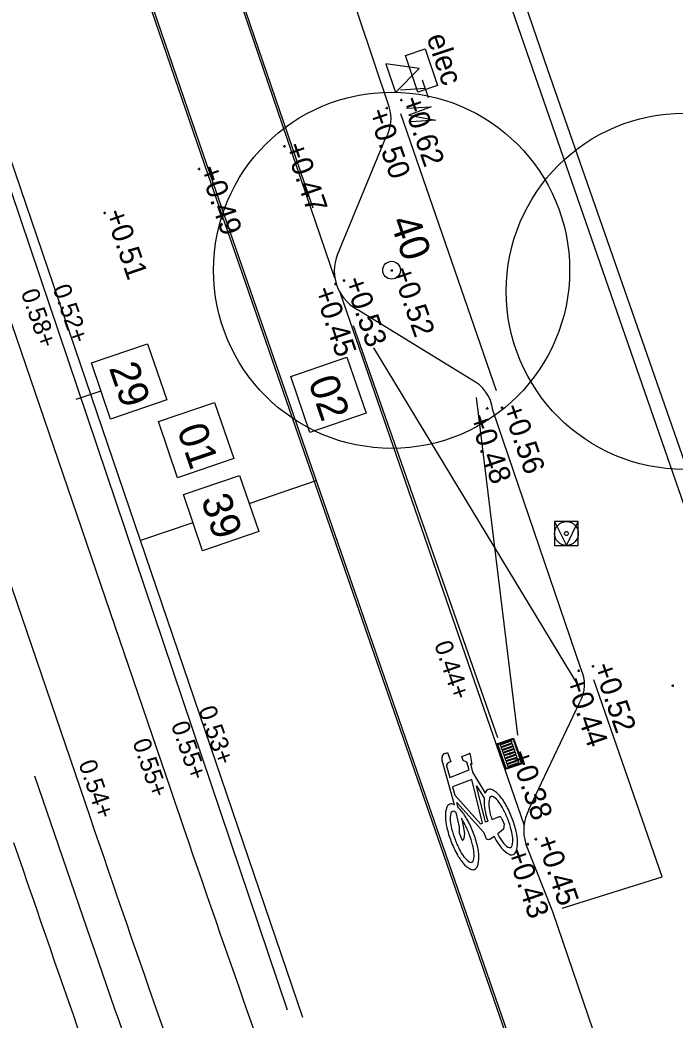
# Model space of a CAD drawing. Extents: x 122462 to 123306, y 485548 to 486417.
# Drawn here: x 122896.03 to 122907.06, y 485918.32 to 485935.16 of the extents above; entities that cross this region are included whole.
import ezdxf

# ---------------------------------------------------------------- set-up
doc = ezdxf.new("R2010")
doc.units = 0
for name, color, linetype in [('B meubilair trammast', 7, 'Continuous'), ('B-WE-GR-BOOM_BOOMDIAMETER-T25', 7, 'Continuous'), ('B-WE-IE-MEUBILAIR_ELECTRAKAST-S', 7, 'Continuous'), ('B-WE-IE-TERREINAFSCHEIDING_KUNSTMATIG_HEKWERK-G', 7, 'Continuous'), ('B-WE-OG-HOOGTEPUNT-S', 7, 'Continuous'), ('B-WE-RI-HWA_KOLK-S', 7, 'Continuous'), ('B-WE-VH-KANTOPSLUITING_OPSLUITBAND_100X200-G', 7, 'Continuous'), ('B-WE-VH-KANTOPSLUITING_TROTTOIRBAND_130 150-G', 7, 'Continuous'), ('B-WE-VH-MATERIAALGRENS_ASFALT-G', 7, 'Continuous'), ('B-WE-VW-MARKERING_LANGS_STREEP_11_010-G', 7, 'Continuous'), ('B-WE-VW-MARKERING_LANGS_STREEP_DOORGETROKKEN_010-G', 7, 'Continuous'), ('B-WE-VW-MARKERING_SYMBOOL-S', 7, 'Continuous'), ('Bestaand Hoogtemaat vast', 7, 'Continuous'), ('iba7-verkeersbord rood', 7, 'Continuous'), ('N tekst', 7, 'Continuous'), ('V markering 1-1 10 cm', 7, 'Continuous'), ('V markering ononderbroken streep 10 cm', 7, 'Continuous'), ('V materiaalscheiding algemeen', 7, 'Continuous'), ('V Rails', 7, 'Continuous'), ('V RWS-band 115-225x250 mm specie', 7, 'Continuous'), ('X-WE-AL-TEKENBLAD-S', 7, 'Continuous')]:
    doc.layers.add(name, color=color, linetype=linetype)

msp = doc.modelspace()

# ---------------------------------------------------------------- linework, layer by layer
at = {"layer": 'B meubilair trammast'}
for p, q in [((122902.754, 485934.339), (122902.193, 485934.42)), ((122902.193, 485934.42), (122902.355, 485933.938)), ((122902.355, 485933.938), (122902.754, 485934.339)), ((122902.807, 485934.15), (122902.907, 485933.85)), ((122902.857, 485934.001), (122902.44, 485933.974)), ((122902.542, 485933.671), (122902.958, 485933.697)), ((122902.958, 485933.697), (122902.581, 485933.556)), ((122902.581, 485933.556), (122903.035, 485933.468)), ((122903.035, 485933.468), (122902.619, 485933.442))]:
    msp.add_line(p, q, dxfattribs=at)
at = {"layer": 'B-WE-IE-MEUBILAIR_ELECTRAKAST-S'}
for p, q in [((122902.526, 485934.559), (122902.857, 485934.67)), ((122902.734, 485933.943), (122902.526, 485934.559)), ((122902.857, 485934.67), (122903.065, 485934.054)), ((122903.065, 485934.054), (122902.734, 485933.943))]:
    msp.add_line(p, q, dxfattribs=at)
at = {"layer": 'B-WE-IE-TERREINAFSCHEIDING_KUNSTMATIG_HEKWERK-G'}
msp.add_lwpolyline([(122913.109, 485920.57), (122912.323, 485922.986), (122909.28, 485921.833), (122904.924, 485934.32), (122900.18, 485948.116), (122898.098, 485954.01)], dxfattribs=at)
at = {"layer": 'B-WE-OG-HOOGTEPUNT-S'}
for p, q in [((122902.434, 485933.809), (122902.474, 485933.809)), ((122902.454, 485933.829), (122902.454, 485933.789)), ((122902.189, 485933.674), (122902.229, 485933.674)), ((122902.209, 485933.694), (122902.209, 485933.654)), ((122900.465, 485933.032), (122900.505, 485933.032)), ((122900.485, 485933.052), (122900.485, 485933.012)), ((122899.026, 485932.65), (122899.066, 485932.65)), ((122899.046, 485932.67), (122899.046, 485932.63)), ((122897.435, 485931.908), (122897.475, 485931.908)), ((122897.455, 485931.928), (122897.455, 485931.888)), ((122902.272, 485930.939), (122902.312, 485930.939)), ((122902.292, 485930.959), (122902.292, 485930.919)), ((122901.323, 485930.713), (122901.363, 485930.713)), ((122901.343, 485930.733), (122901.343, 485930.693)), ((122901.468, 485930.77), (122901.508, 485930.77)), ((122901.488, 485930.79), (122901.488, 485930.75)), ((122903.88, 485928.615), (122903.92, 485928.615)), ((122903.9, 485928.635), (122903.9, 485928.595)), ((122904.13, 485928.63), (122904.17, 485928.63)), ((122904.15, 485928.65), (122904.15, 485928.61)), ((122905.683, 485924.292), (122905.683, 485924.252)), ((122905.421, 485924.198), (122905.461, 485924.198)), ((122905.441, 485924.218), (122905.441, 485924.178)), ((122905.663, 485924.272), (122905.703, 485924.272)), ((122907.007, 485923.947), (122907.047, 485923.947)), ((122907.027, 485923.967), (122907.027, 485923.927)), ((122904.258, 485922.8), (122904.298, 485922.8)), ((122904.278, 485922.82), (122904.278, 485922.78)), ((122904.565, 485921.277), (122904.605, 485921.277)), ((122904.585, 485921.297), (122904.585, 485921.257)), ((122904.7, 485921.361), (122904.74, 485921.361)), ((122904.72, 485921.381), (122904.72, 485921.341))]:
    msp.add_line(p, q, dxfattribs=at)
at = {"layer": 'B-WE-RI-HWA_KOLK-S'}
for p, q in [((122904.062, 485922.964), (122904.346, 485923.062)), ((122904.21, 485922.539), (122904.062, 485922.964)), ((122904.081, 485922.955), (122904.337, 485923.043)), ((122904.219, 485922.558), (122904.081, 485922.955)), ((122904.337, 485923.043), (122904.474, 485922.646)), ((122904.346, 485923.062), (122904.493, 485922.637)), ((122904.21, 485922.539), (122904.493, 485922.637)), ((122904.219, 485922.558), (122904.474, 485922.646))]:
    msp.add_line(p, q, dxfattribs=at)
for points in [[(122904.122, 485922.938), (122904.126, 485922.927)], [(122904.302, 485923.011), (122904.128, 485922.951)], [(122904.139, 485922.92), (122904.313, 485922.981)], [(122904.319, 485922.964), (122904.145, 485922.903)], [(122904.155, 485922.873), (122904.329, 485922.933)], [(122904.319, 485922.993), (122904.315, 485923.005)], [(122904.335, 485922.946), (122904.331, 485922.958)], [(122904.138, 485922.891), (122904.142, 485922.879)], [(122904.155, 485922.843), (122904.159, 485922.832)], [(122904.335, 485922.916), (122904.161, 485922.856)], [(122904.171, 485922.826), (122904.346, 485922.886)], [(122904.171, 485922.796), (122904.175, 485922.785)], [(122904.351, 485922.869), (122904.177, 485922.809)], [(122904.188, 485922.779), (122904.362, 485922.839)], [(122904.368, 485922.822), (122904.194, 485922.762)], [(122904.204, 485922.731), (122904.378, 485922.792)], [(122904.384, 485922.775), (122904.21, 485922.714)], [(122904.352, 485922.899), (122904.348, 485922.91)], [(122904.368, 485922.852), (122904.364, 485922.863)], [(122904.384, 485922.804), (122904.38, 485922.816)], [(122904.401, 485922.757), (122904.397, 485922.769)], [(122904.188, 485922.749), (122904.191, 485922.738)], [(122904.204, 485922.702), (122904.208, 485922.69)], [(122904.22, 485922.654), (122904.224, 485922.643)], [(122904.221, 485922.684), (122904.395, 485922.744)], [(122904.401, 485922.727), (122904.226, 485922.667)], [(122904.237, 485922.637), (122904.411, 485922.697)], [(122904.237, 485922.607), (122904.241, 485922.596)], [(122904.417, 485922.68), (122904.243, 485922.62)], [(122904.253, 485922.59), (122904.427, 485922.65)], [(122904.417, 485922.71), (122904.413, 485922.721)], [(122904.434, 485922.663), (122904.43, 485922.674)]]:
    msp.add_lwpolyline(points, dxfattribs=at)
for centre, start, end in [((122904.131, 485922.941), 109.1123, 199.1123), ((122904.135, 485922.93), 199.1123, 289.1123), ((122904.306, 485923.002), 19.1123, 109.1123), ((122904.309, 485922.99), 289.1123, 19.1123), ((122904.322, 485922.954), 19.1123, 109.1123), ((122904.326, 485922.943), 289.1123, 19.1123), ((122904.148, 485922.894), 109.1123, 199.1123), ((122904.152, 485922.883), 199.1123, 289.1123), ((122904.164, 485922.847), 109.1123, 199.1123), ((122904.168, 485922.835), 199.1123, 289.1123), ((122904.181, 485922.799), 109.1123, 199.1123), ((122904.185, 485922.788), 199.1123, 289.1123), ((122904.197, 485922.752), 109.1123, 199.1123), ((122904.338, 485922.907), 19.1123, 109.1123), ((122904.342, 485922.896), 289.1123, 19.1123), ((122904.355, 485922.86), 19.1123, 109.1123), ((122904.359, 485922.848), 289.1123, 19.1123), ((122904.371, 485922.813), 19.1123, 109.1123), ((122904.375, 485922.801), 289.1123, 19.1123), ((122904.387, 485922.765), 19.1123, 109.1123), ((122904.391, 485922.754), 289.1123, 19.1123), ((122904.201, 485922.741), 199.1123, 289.1123), ((122904.213, 485922.705), 109.1123, 199.1123), ((122904.217, 485922.694), 199.1123, 289.1123), ((122904.23, 485922.658), 109.1123, 199.1123), ((122904.234, 485922.646), 199.1123, 289.1123), ((122904.246, 485922.61), 109.1123, 199.1123), ((122904.25, 485922.599), 199.1123, 289.1123), ((122904.404, 485922.718), 19.1123, 109.1123), ((122904.408, 485922.707), 289.1123, 19.1123), ((122904.42, 485922.671), 19.1123, 109.1123), ((122904.424, 485922.659), 289.1123, 19.1123)]:
    msp.add_arc(centre, 0.01, start, end, dxfattribs=at)
at = {"layer": 'B-WE-VH-KANTOPSLUITING_OPSLUITBAND_100X200-G'}
for points in [[(122913.961, 485923.465), (122909.075, 485921.649), (122904.526, 485934.752), (122901.455, 485943.609), (122897.901, 485953.916)], [(122904.058, 485928.911), (122902.444, 485933.576)], [(122905.164, 485920.198), (122906.847, 485920.728), (122905.695, 485924.046)]]:
    msp.add_lwpolyline(points, dxfattribs=at)
at = {"layer": 'B-WE-VH-KANTOPSLUITING_TROTTOIRBAND_130 150-G'}
for points in [[(122902.25, 485933.693), (122900.962, 485937.531)], [(122901.41, 485931.285), (122902.195, 485933.177)], [(122903.632, 485929.101), (122901.71, 485930.282)], [(122905.48, 485924.235), (122903.996, 485928.588)], [(122904.603, 485921.86), (122905.455, 485923.657)], [(122906.372, 485916.137), (122905.006, 485920.138), (122904.551, 485921.281)]]:
    msp.add_lwpolyline(points, dxfattribs=at)
for centre, radius, start, end in [((122901.638, 485933.497), 0.643, 330.1718, 17.7752), ((122902.072, 485930.936), 0.748, 152.2383, 241.0358), ((122903.342, 485928.511), 0.658, 6.7973, 63.874), ((122904.93, 485923.969), 0.61, 329.3054, 25.8325), ((122905.265, 485921.509), 0.749, 152.0724, 197.7337)]:
    msp.add_arc(centre, radius, start, end, dxfattribs=at)
at = {"layer": 'B-WE-VH-MATERIAALGRENS_ASFALT-G'}
msp.add_line((122904.522, 485921.603), (122901.43, 485930.552), dxfattribs=at)
msp.add_lwpolyline([(122901.335, 485930.807), (122898.446, 485939.272)], dxfattribs=at)
at = {"layer": 'B-WE-VW-MARKERING_LANGS_STREEP_11_010-G'}
for points in [[(122900.966, 485931.989), (122898.927, 485937.963)], [(122904.08, 485923.066), (122901.646, 485930.005)]]:
    msp.add_lwpolyline(points, dxfattribs=at)
at = {"layer": 'B-WE-VW-MARKERING_LANGS_STREEP_DOORGETROKKEN_010-G'}
for points in [[(122901.986, 485929.636), (122905.445, 485923.928)], [(122904.415, 485923.115), (122903.718, 485928.8)]]:
    msp.add_lwpolyline(points, dxfattribs=at)
at = {"layer": 'B-WE-VW-MARKERING_SYMBOOL-S'}
for points in [[(122903.197, 485922.805), (122903.231, 485922.819), (122903.29, 485922.664), (122903.256, 485922.651)], [(122903.213, 485922.596), (122903.269, 485922.401), (122903.598, 485922.527), (122903.558, 485922.658), (122903.498, 485922.685), (122903.472, 485922.754), (122903.592, 485922.799)], [(122903.616, 485922.789), (122903.64, 485922.621), (122903.617, 485922.632), (122903.652, 485922.488), (122903.868, 485922.136)], [(122903.348, 485921.938), (122903.144, 485922.687), (122903.141, 485922.745)], [(122903.911, 485921.664), (122903.874, 485921.65), (122903.72, 485922.259), (122903.851, 485922.052)], [(122903.414, 485921.89), (122903.388, 485921.98), (122903.843, 485921.474), (122903.874, 485921.394)], [(122903.474, 485921.36), (122903.435, 485921.463), (122903.436, 485921.561), (122903.378, 485921.808)], [(122903.465, 485921.712), (122903.485, 485921.639), (122903.517, 485921.454), (122903.509, 485921.373)], [(122903.979, 485921.69), (122904.097, 485921.735)], [(122904.144, 485921.714), (122904.184, 485921.611), (122904.175, 485921.53), (122904.078, 485921.449)], [(122903.945, 485921.363), (122904.016, 485921.409)]]:
    msp.add_lwpolyline(points, dxfattribs=at)
msp.add_lwpolyline([(122903.354, 485922.101), (122903.788, 485921.617), (122903.823, 485921.63), (122903.64, 485922.366), (122903.314, 485922.241)], close=True, dxfattribs=at)
for centre, radius, start, end in [((122903.199, 485922.747), 0.058, 92.4836, 182.4836), ((122903.6, 485922.787), 0.0154, 8.3898, 123.4474), ((122903.279, 485922.589), 0.0666, 110.9186, 173.865), ((122904.303, 485922.002), 0.455, 161.2298, 162.7912), ((122903.949, 485922.122), 0.0814, 110.9186, 161.2298), ((122903.949, 485922.122), 0.0814, 60.6074, 110.9186), ((122903.766, 485921.797), 0.455, 39.889, 60.6074), ((122903.386, 485921.479), 0.95, 29.0222, 39.889), ((122903.298, 485921.873), 0.0814, 110.9186, 161.2298), ((122903.298, 485921.873), 0.0814, 60.6074, 110.9186), ((122903.114, 485921.548), 0.455, 59.0459, 60.6074), ((122904.303, 485922.002), 0.455, 173.7044, 181.9482), ((122904.797, 485922.019), 0.95, 181.9482, 192.8149), ((122904.321, 485921.956), 0.393, 166.8607, 185.2763), ((122904.805, 485922.001), 0.88, 185.2763, 194.303), ((122903.982, 485922.035), 0.0458, 110.9186, 166.8607), ((122903.982, 485922.035), 0.0458, 54.9765, 110.9186), ((122903.783, 485921.751), 0.393, 36.5608, 54.9765), ((122903.392, 485921.461), 0.88, 27.5342, 36.5608), ((122902.725, 485921.113), 1.705, 20.9186, 29.0222), ((122903.651, 485921.753), 0.455, 161.2298, 181.9482), ((122903.669, 485921.707), 0.393, 166.8607, 185.2763), ((122903.331, 485921.786), 0.0458, 110.9186, 166.8607), ((122903.331, 485921.786), 0.0458, 54.9765, 110.9186), ((122903.131, 485921.502), 0.393, 51.1632, 54.9765), ((122903.114, 485921.548), 0.455, 39.889, 48.7915), ((122902.735, 485921.23), 0.95, 29.0222, 39.889), ((122905.534, 485922.186), 1.705, 192.8149, 197.8343), ((122905.538, 485922.188), 1.636, 194.303, 197.7044), ((122902.721, 485921.111), 1.636, 20.9186, 27.5342), ((122904.146, 485921.77), 0.95, 181.9482, 192.8149), ((122904.154, 485921.752), 0.88, 185.2763, 194.303), ((122902.741, 485921.212), 0.88, 27.5342, 34.6153), ((122902.07, 485920.862), 1.636, 20.9186, 27.5342), ((122902.074, 485920.864), 1.705, 20.9186, 29.0222), ((122904.11, 485921.701), 0.0367, 20.9186, 110.9186), ((122902.721, 485921.111), 1.636, 14.303, 20.9186), ((122902.725, 485921.113), 1.705, 12.8149, 20.9186), ((122904.883, 485921.937), 1.705, 192.8149, 200.9186), ((122904.887, 485921.939), 1.636, 194.303, 200.9186), ((122902.07, 485920.862), 1.636, 14.303, 20.9186), ((122902.074, 485920.864), 1.705, 12.8149, 20.9186), ((122905.538, 485922.188), 1.636, 206.8243, 207.5342), ((122904.867, 485921.838), 0.88, 207.5342, 216.5608), ((122903.454, 485921.298), 0.88, 5.2763, 14.303), ((122903.462, 485921.28), 0.95, 1.9482, 12.8149), ((122904.883, 485921.937), 1.705, 200.9186, 209.0222), ((122904.887, 485921.939), 1.636, 200.9186, 207.5342), ((122903.488, 485921.358), 0.0137, 174.3535, 317.4836), ((122903.468, 485921.377), 0.041, 317.4836, 354.3535), ((122902.803, 485921.049), 0.88, 5.2763, 14.303), ((122902.811, 485921.031), 0.95, 1.9482, 12.8149), ((122903.919, 485921.402), 0.0463, 188.7674, 303.0697), ((122905.534, 485922.186), 1.705, 207.1097, 209.0222), ((122904.873, 485921.82), 0.95, 209.0222, 219.889), ((122904.476, 485921.548), 0.393, 216.5608, 234.9765), ((122904.277, 485921.264), 0.0458, 290.9186, 346.8607), ((122903.939, 485921.343), 0.393, 346.8607, 5.2763), ((122903.957, 485921.297), 0.455, 341.2298, 1.9482), ((122904.222, 485921.571), 0.95, 209.0222, 219.889), ((122904.216, 485921.589), 0.88, 207.5342, 216.5608), ((122903.287, 485921.094), 0.393, 346.8607, 5.2763), ((122904.493, 485921.502), 0.455, 219.889, 240.6074), ((122904.277, 485921.264), 0.0458, 234.9765, 290.9186), ((122904.31, 485921.177), 0.0814, 240.6074, 290.9186), ((122904.31, 485921.177), 0.0814, 290.9186, 341.2298), ((122903.842, 485921.253), 0.455, 219.889, 240.6074), ((122903.825, 485921.299), 0.393, 216.5608, 234.9765), ((122903.626, 485921.015), 0.0458, 234.9765, 290.9186), ((122903.626, 485921.015), 0.0458, 290.9186, 346.8607), ((122903.305, 485921.048), 0.455, 341.2298, 1.9482), ((122903.659, 485920.928), 0.0814, 240.6074, 290.9186), ((122903.659, 485920.928), 0.0814, 290.9186, 341.2298)]:
    msp.add_arc(centre, radius, start, end, dxfattribs=at)
at = {"layer": 'iba7-verkeersbord rood'}
for centre, radius in [((122902.29, 485930.943), 3), ((122907.222, 485930.589), 3), ((122902.29, 485930.943), 0.15), ((122902.29, 485930.943), 0.15)]:
    msp.add_circle(centre, radius, dxfattribs=at)
at = {"layer": 'N tekst'}
for points in [[(122905.036, 485926.309), (122905.436, 485926.309), (122905.436, 485926.709), (122905.036, 485926.709)], [(122905.036, 485926.709), (122905.236, 485926.309), (122905.436, 485926.709)]]:
    msp.add_lwpolyline(points, close=True, dxfattribs=at)
for radius in [0.2, 0.0342]:
    msp.add_circle((122905.236, 485926.509), radius, dxfattribs=at)
at = {"layer": 'V markering 1-1 10 cm'}
msp.add_lwpolyline([(122861.268, 486043.255), (122864.477, 486033.82), (122868.105, 486023.234), (122872.215, 486011.133), (122877.675, 485994.999), (122880.312, 485987.313), (122885.038, 485973.513), (122892.674, 485951.631), (122899.173, 485932.732), (122905.905, 485913.305)], dxfattribs=at)
msp.add_arc((123301.543, 486059.577), 427.846, 198.69687, 200.47426, dxfattribs=at)
at = {"layer": 'V markering ononderbroken streep 10 cm'}
msp.add_lwpolyline([(122900.793, 485918.356), (122895.862, 485932.839), (122890.421, 485948.745), (122886.073, 485961.479), (122881.891, 485973.721)], dxfattribs=at)
at = {"layer": 'V materiaalscheiding algemeen'}
msp.add_lwpolyline([(122861.232, 486043.247), (122864.442, 486033.808), (122868.07, 486023.222), (122872.18, 486011.121), (122877.64, 485994.987), (122880.277, 485987.301), (122885.003, 485973.501), (122892.639, 485951.618), (122899.138, 485932.72), (122905.87, 485913.293)], dxfattribs=at)
at = {"layer": 'V Rails'}
for p, q in [((122859.04, 486037.86), (122898.563, 485922.205)), ((122857.682, 486037.396), (122897.205, 485921.741))]:
    msp.add_line(p, q, dxfattribs=at)
for radius, end in [(499.283, 199.72946), (500.718, 199.72865), (502.073, 199.72789), (503.508, 199.72709)]:
    msp.add_arc((123371.02, 486083.659), radius, 198.86698, end, dxfattribs=at)
at = {"layer": 'V RWS-band 115-225x250 mm specie'}
msp.add_lwpolyline([(122881.712, 485973.732), (122885.936, 485961.375), (122890.294, 485948.692), (122895.718, 485932.752), (122900.529, 485918.488)], dxfattribs=at)
at = {"layer": 'X-WE-AL-TEKENBLAD-S'}
for p, q in [((122897.393, 485928.909), (122896.972, 485928.765)), ((122899.89, 485927.014), (122901.02, 485927.401)), ((122898.944, 485926.69), (122898.058, 485926.389))]:
    msp.add_line(p, q, dxfattribs=at)
for points in [[(122898.178, 485929.706), (122898.501, 485928.759), (122897.555, 485928.436), (122897.232, 485929.382)], [(122901.536, 485929.479), (122901.859, 485928.533), (122900.913, 485928.21), (122900.59, 485929.156)], [(122899.308, 485928.718), (122899.631, 485927.771), (122898.685, 485927.448), (122898.361, 485928.394)], [(122899.728, 485927.488), (122900.051, 485926.541), (122899.105, 485926.218), (122898.782, 485927.164)]]:
    msp.add_lwpolyline(points, close=True, dxfattribs=at)

# ---------------------------------------------------------------- texts
at = {"layer": 'B-WE-GR-BOOM_BOOMDIAMETER-T25'}
msp.add_text('40', height=0.5, rotation=288.851, dxfattribs=at).set_placement((122902.258, 485931.77))
at = {"layer": 'B-WE-IE-MEUBILAIR_ELECTRAKAST-S'}
msp.add_text('elec', height=0.36, rotation=288.5573, dxfattribs=at).set_placement((122902.875, 485934.866))
at = {"layer": 'B-WE-OG-HOOGTEPUNT-S'}
for s, rotation, p in [('+0.62', 289, (122902.454, 485933.809)), ('+0.50', 288.851, (122901.886, 485933.604)), ('+0.47', 289, (122900.485, 485933.032)), ('+0.49', 289, (122899.046, 485932.65)), ('+0.51', 289, (122897.455, 485931.908)), ('+0.52', 289, (122902.292, 485930.939)), ('+0.53', 289, (122901.488, 485930.77)), ('+0.45', 288.851, (122900.977, 485930.606)), ('+0.56', 289, (122904.15, 485928.63)), ('+0.48', 288.851, (122903.588, 485928.465)), ('+0.52', 289, (122905.683, 485924.272)), ('+0.44', 288.851, (122905.213, 485924.034)), ('+0.38', 289, (122904.278, 485922.8)), ('+0.45', 289, (122904.72, 485921.361)), ('+0.43', 288.851, (122904.223, 485921.147))]:
    msp.add_text(s, height=0.36, rotation=rotation, dxfattribs=at).set_placement(p)
at = {"layer": 'Bestaand Hoogtemaat vast'}
for s, rotation, p in [('0.52+', 289.2135, (122896.577, 485930.645)), ('0.58+', 289.2135, (122896.039, 485930.57)), ('0.44+', 289.0343, (122903.004, 485924.644)), ('0.53+', 289.2221, (122899.029, 485923.546)), ('0.55+', 289.2221, (122898.57, 485923.289)), ('0.55+', 289.2221, (122897.92, 485922.997)), ('0.54+', 289.2221, (122897.011, 485922.637))]:
    msp.add_text(s, height=0.3, rotation=rotation, dxfattribs=at).set_placement(p)
at = {"layer": 'X-WE-AL-TEKENBLAD-S'}
for s, p in [('29', (122897.524, 485929.299)), ('02', (122900.882, 485929.073)), ('01', (122898.67, 485928.264)), ('39', (122899.074, 485927.082))]:
    msp.add_text(s, height=0.5, rotation=288.867, dxfattribs=at).set_placement(p)

doc.saveas('drawing.dxf')

================

**To do:** Take the lines from the start of the listing above through the line with "doc.units = 0", both ends included, and copy them exactly, leaving the pictures behind.

**Answer to this exercise:**
# Model space of a CAD drawing. Extents: x 122462 to 123306, y 485548 to 486417.
# Drawn here: x 122896.03 to 122907.06, y 485918.32 to 485935.16 of the extents above; entities that cross this region are included whole.
import ezdxf

# ---------------------------------------------------------------- set-up
doc = ezdxf.new("R2010")
doc.units = 0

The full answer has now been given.